The Dominican priory was founded by a wealthy Newcastle merchant, Sir Peter Scott. Friars differed from monks in that liturgical worship was not the principle focus of their life. They were clerics who initially lived solely by begging, and they were mostly located in urban areas. The Dominican order was founded by St Dominic, also known as Dominic of Osma or Dominic de Gusman, shortly after 1200.

Dominicans were forbidden to own buildings and land, but such property could be held in trust for them. Such was the case with Blackfriars, which was situated in the north west of Newcastle upon Tyne just inside the city walls. The priory and its grounds covered 7 acre, but also had two gardens and four small closes that provided a small income.

During the 14th century, the priory accommodated royalty on more than one occasion. In 1334 Edward III of England and Edward Balliol, the claimant to the Scottish throne, met there.

==Reformation==
During the Reformation begun by Henry VIII in 1536, the five Newcastle mendicant communities and the nunnery were dissolved and the land was sold to the corporation and to rich merchants in 1539. The Church, sacristy, eastern half of the chapter house and cloister were all demolished. At this time there were fewer than 60 inmates of the religious houses in Newcastle. The convent of Blackfriars was sold to the Mayor and burgesses of Newcastle, who then leased it to nine of the town's craft guilds, to be used as their headquarters in 1552. This probably explains why it is the only one of the religious houses whose building survives to the present day.

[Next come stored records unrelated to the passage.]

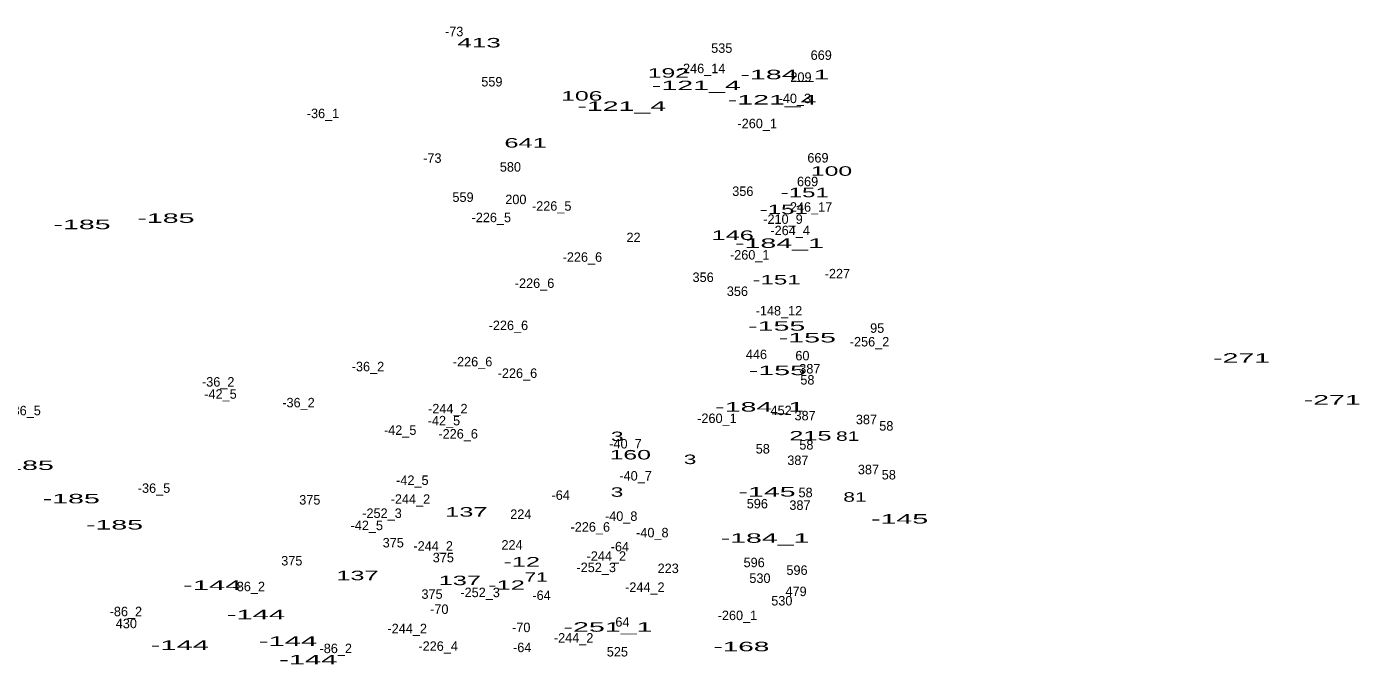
# Model space of a CAD drawing. Extents: x -658595 to -655205, y -1004347 to -1000147.
# Drawn here: x -656989 to -656427, y -1001472 to -1001203 of the extents above; entities that cross this region are included whole.
import ezdxf
from ezdxf.enums import TextEntityAlignment as Align

# ---------------------------------------------------------------- set-up
doc = ezdxf.new("R2010")
doc.units = 0
doc.header["$LTSCALE"] = 1.6
doc.layers.add('24', color=7, linetype='Continuous')

msp = doc.modelspace()

# ---------------------------------------------------------------- texts
at = {"layer": '24'}
for s, p in [('-73', (-656808.311, -1001206.84)), ('535', (-656695.457, -1001213.83)), ('669', (-656653.503, -1001216.79)), ('-246_14', (-656703.749, -1001222.41)), ('559', (-656792.413, -1001228.01)), ('209', (-656662.047, -1001226.07)), ('-40_3', (-656664.631, -1001235.05)), ('-36_1', (-656863.632, -1001241.38)), ('-260_1', (-656680.496, -1001245.63)), ('-73', (-656817.521, -1001260.23)), ('669', (-656654.883, -1001260.1)), ('580', (-656784.591, -1001263.96)), ('669', (-656659.253, -1001270.09)), ('559', (-656804.583, -1001276.72)), ('200', (-656782.295, -1001277.66)), ('356', (-656686.563, -1001274.21)), ('-226_5', (-656767.178, -1001280.44)), ('-246_17', (-656658.671, -1001280.86)), ('-226_5', (-656792.658, -1001285.28)), ('-210_9', (-656669.626, -1001285.98)), ('22', (-656732.667, -1001293.7)), ('-264_4', (-656666.606, -1001290.75)), ('-260_1', (-656683.666, -1001301.05)), ('-226_6', (-656754.243, -1001301.98)), ('356', (-656703.303, -1001310.5)), ('-227', (-656646.691, -1001308.98)), ('-226_6', (-656774.413, -1001313.01)), ('356', (-656688.853, -1001316.41)), ('-148_12', (-656671.343, -1001324.62)), ('-226_6', (-656785.443, -1001330.8)), ('95', (-656629.903, -1001331.95)), ('-256_2', (-656633.128, -1001337.7)), ('-226_6', (-656800.553, -1001346.11)), ('446', (-656680.831, -1001343.05)), ('60', (-656661.427, -1001343.58)), ('-36_2', (-656844.678, -1001348.18)), ('-226_6', (-656781.633, -1001350.97)), ('387', (-656658.303, -1001349.1)), ('-36_2', (-656907.828, -1001354.64)), ('58', (-656659.337, -1001353.79)), ('-42_5', (-656906.877, -1001359.76)), ('-36_5', (-656989.488, -1001366.74)), ('-36_2', (-656873.968, -1001363.4)), ('-244_2', (-656810.991, -1001365.94)), ('452', (-656670.421, -1001366.68)), ('-42_5', (-656812.627, -1001371)), ('-260_1', (-656697.486, -1001370.01)), ('387', (-656660.303, -1001368.88)), ('387', (-656634.433, -1001370.5)), ('58', (-656626.047, -1001373.21)), ('-42_5', (-656831.087, -1001375)), ('-226_6', (-656806.633, -1001376.55)), ('-40_7', (-656736.066, -1001380.75)), ('58', (-656678.157, -1001382.88)), ('58', (-656659.767, -1001381.21)), ('387', (-656663.343, -1001387.72)), ('-42_5', (-656825.947, -1001396.14)), ('-40_7', (-656731.796, -1001394.28)), ('387', (-656633.583, -1001391.62)), ('58', (-656624.997, -1001393.82)), ('-36_5', (-656934.908, -1001399.46)), ('58', (-656660.097, -1001401.33)), ('375', (-656869.193, -1001404.42)), ('-244_2', (-656826.771, -1001404.08)), ('-64', (-656763.385, -1001402.43)), ('596', (-656680.458, -1001406.02)), ('387', (-656662.483, -1001406.65)), ('-252_3', (-656838.752, -1001410.05)), ('224', (-656780.201, -1001410.47)), ('-40_8', (-656737.871, -1001411.29)), ('-42_5', (-656845.177, -1001415.2)), ('-226_6', (-656750.913, -1001415.84)), ('-40_8', (-656724.731, -1001418.24)), ('375', (-656834.003, -1001422.49)), ('-244_2', (-656817.161, -1001423.87)), ('224', (-656783.911, -1001423.42)), ('-64', (-656738.405, -1001424.15)), ('375', (-656876.793, -1001430.1)), ('375', (-656812.893, -1001428.77)), ('-244_2', (-656744.141, -1001428.12)), ('-252_3', (-656748.412, -1001432.9)), ('223', (-656718.037, -1001433.31)), ('596', (-656681.788, -1001430.84)), ('596', (-656663.718, -1001434.08)), ('-86_2', (-656894.938, -1001440.96)), ('-244_2', (-656727.891, -1001441.26)), ('530', (-656679.351, -1001437.47)), ('375', (-656817.653, -1001444.18)), ('-252_3', (-656797.372, -1001443.47)), ('-64', (-656771.455, -1001444.69)), ('530', (-656670.121, -1001446.98)), ('479', (-656664.113, -1001443.03)), ('-86_2', (-656946.778, -1001451.52)), ('-70', (-656814.584, -1001450.55)), ('430', (-656946.585, -1001456.57)), ('-70', (-656780.024, -1001458.23)), ('-64', (-656738.235, -1001455.92)), ('-260_1', (-656688.846, -1001453.16)), ('-244_2', (-656828.111, -1001458.7)), ('-244_2', (-656757.931, -1001462.63)), ('-86_2', (-656858.258, -1001467.09)), ('-226_4', (-656815.072, -1001466.11)), ('-64', (-656779.615, -1001466.67)), ('525', (-656739.477, -1001468.5))]:
    msp.add_text(s, height=4, dxfattribs=at).set_placement(p, align=Align.CENTER)
for s, width, p in [('413', 2.05, (-656797.793, -1001211.55)), ('192', 1.95, (-656717.993, -1001224.32)), ('-184_1', 2.25, (-656668.823, -1001224.98)), ('-121_4', 2.25, (-656706.183, -1001229.57)), ('106', 1.95, (-656754.479, -1001233.99)), ('-121_4', 2.25, (-656737.623, -1001238.31)), ('-121_4', 2.25, (-656674.183, -1001235.63)), ('641', 2, (-656778.188, -1001253.81)), ('100', 1.95, (-656649.15, -1001265.69)), ('-151', 1.9, (-656660.447, -1001274.74)), ('-151', 1.9, (-656669.297, -1001281.87)), ('-185', 2.25, (-656965.261, -1001288.23)), ('-185', 2.25, (-656929.881, -1001285.56)), ('146', 2, (-656690.858, -1001292.76)), ('-184_1', 2.25, (-656671.113, -1001296.13)), ('-151', 1.9, (-656672.337, -1001311.55)), ('-155', 2.25, (-656672.271, -1001331.06)), ('-155', 2.25, (-656659.341, -1001336.01)), ('-271', 2.25, (-656476.205, -1001344.57)), ('-155', 2.25, (-656671.991, -1001349.8)), ('-271', 2.25, (-656437.995, -1001362.24)), ('-184_1', 2.25, (-656679.483, -1001365.19)), ('3', 1.8, (-656739.531, -1001377.63)), ('215', 2, (-656658.057, -1001377.37)), ('81', 1.65, (-656642.327, -1001377.52)), ('160', 1.95, (-656734.039, -1001385.37)), ('-185', 2.25, (-656989.221, -1001389.82)), ('3', 1.8, (-656708.821, -1001387.33)), ('3', 1.8, (-656739.631, -1001401.12)), ('-145', 2.25, (-656676.356, -1001401.03)), ('-185', 2.25, (-656969.821, -1001403.9)), ('81', 1.65, (-656639.287, -1001403.21)), ('137', 2, (-656803.173, -1001409.5)), ('-145', 2.25, (-656620.436, -1001412.45)), ('-185', 2.25, (-656951.571, -1001414.93)), ('-184_1', 2.25, (-656677.203, -1001420.54)), ('-12', 2, (-656779.811, -1001430.55)), ('-144', 2.3, (-656910.352, -1001440.43)), ('137', 2, (-656849.103, -1001436.32)), ('137', 2, (-656805.933, -1001438.41)), ('-12', 2, (-656786.241, -1001440.37)), ('71', 1.65, (-656773.753, -1001437)), ('-144', 2.3, (-656891.912, -1001452.8)), ('-251_1', 2.25, (-656743.447, -1001458.05)), ('-144', 2.3, (-656878.402, -1001464.02)), ('-144', 2.3, (-656924.052, -1001465.73)), ('-168', 2.2, (-656687.175, -1001466.3)), ('-144', 2.3, (-656869.842, -1001471.82))]:
    msp.add_text(s, height=4, dxfattribs=dict(at, width=width)).set_placement(p, align=Align.CENTER)

doc.saveas('drawing.dxf')

The guilds carried out extensive changes to adapt the cloistered buildings to their own use. This was carried out in the late 16th and early 17th centuries. Between 1709 and 1739 many further alterations were made, such as providing new windows and altering floor levels. Some of the guilds, such as the Tailors and the Cordwainers, moved out of Blackfriars for a while and subsequently returned. The guilds' meeting houses in Blackfriars were well used until the 19th century. The guilds only met in them once a quarter, so that they were used for other purposes the rest of the time. Ground floor rooms often served as dwellings, either for people employed by the guilds, or for the needy, who lived there free of rent.

==Neglect and subsequent restoration==
During much of the 19th century and into the 20th century, the buildings of Blackfriars were neglected and fell into an increasingly bad state of repair. In 1937 the Saddlers' property was declared as unfit for human habitation.

Newcastle Corporation acquired Blackfriars in the early 1950s. At one time there appeared to be a possibility that the Dominicans might return to occupy Blackfriars, but this did not happen. The guild of Tailors, among others, continued to meet at Blackfriars until 1974.

Between 1973 and 1981, the buildings of Blackfriars were restored.

==Blackfriars now==
Only the buildings of the cloisters remain. In the Middle Ages the cloister consisted of an open garth, approximately 69 ft square surrounded by a 10 ft wide covered walk. The covered walk no longer exists. The priory church was at the north end of the cloister, but was demolished in the 16th century. The outline of the church can be made out in the grassy space that remains.

The buildings now house a range of craft workshops and a restaurant owned by Andy Hook with head chef Chris Wardale. Blackfriars also houses an exhibition, which describes the history of Blackfriars. The large grassed courtyard contrasts with the busy city life that surrounds it. The Tanners Guild still use the former Smiths Hall (referred to as the Freemen's Hall) in Blackfriars for their meetings.

The site is close to the most intact section of the medieval Newcastle town wall.

The Blackfriars (Order of Preachers) returned to Newcastle upon Tyne in the nineteenth century. St Dominic's Priory, the new Blackfriars, was opened by Cardinal Manning in 1873. It is situated on New Bridge Street. In 2020, the Dominicans left Newcastle, and the priory and church were handed to the Roman Catholic Diocese of Hexham and Newcastle.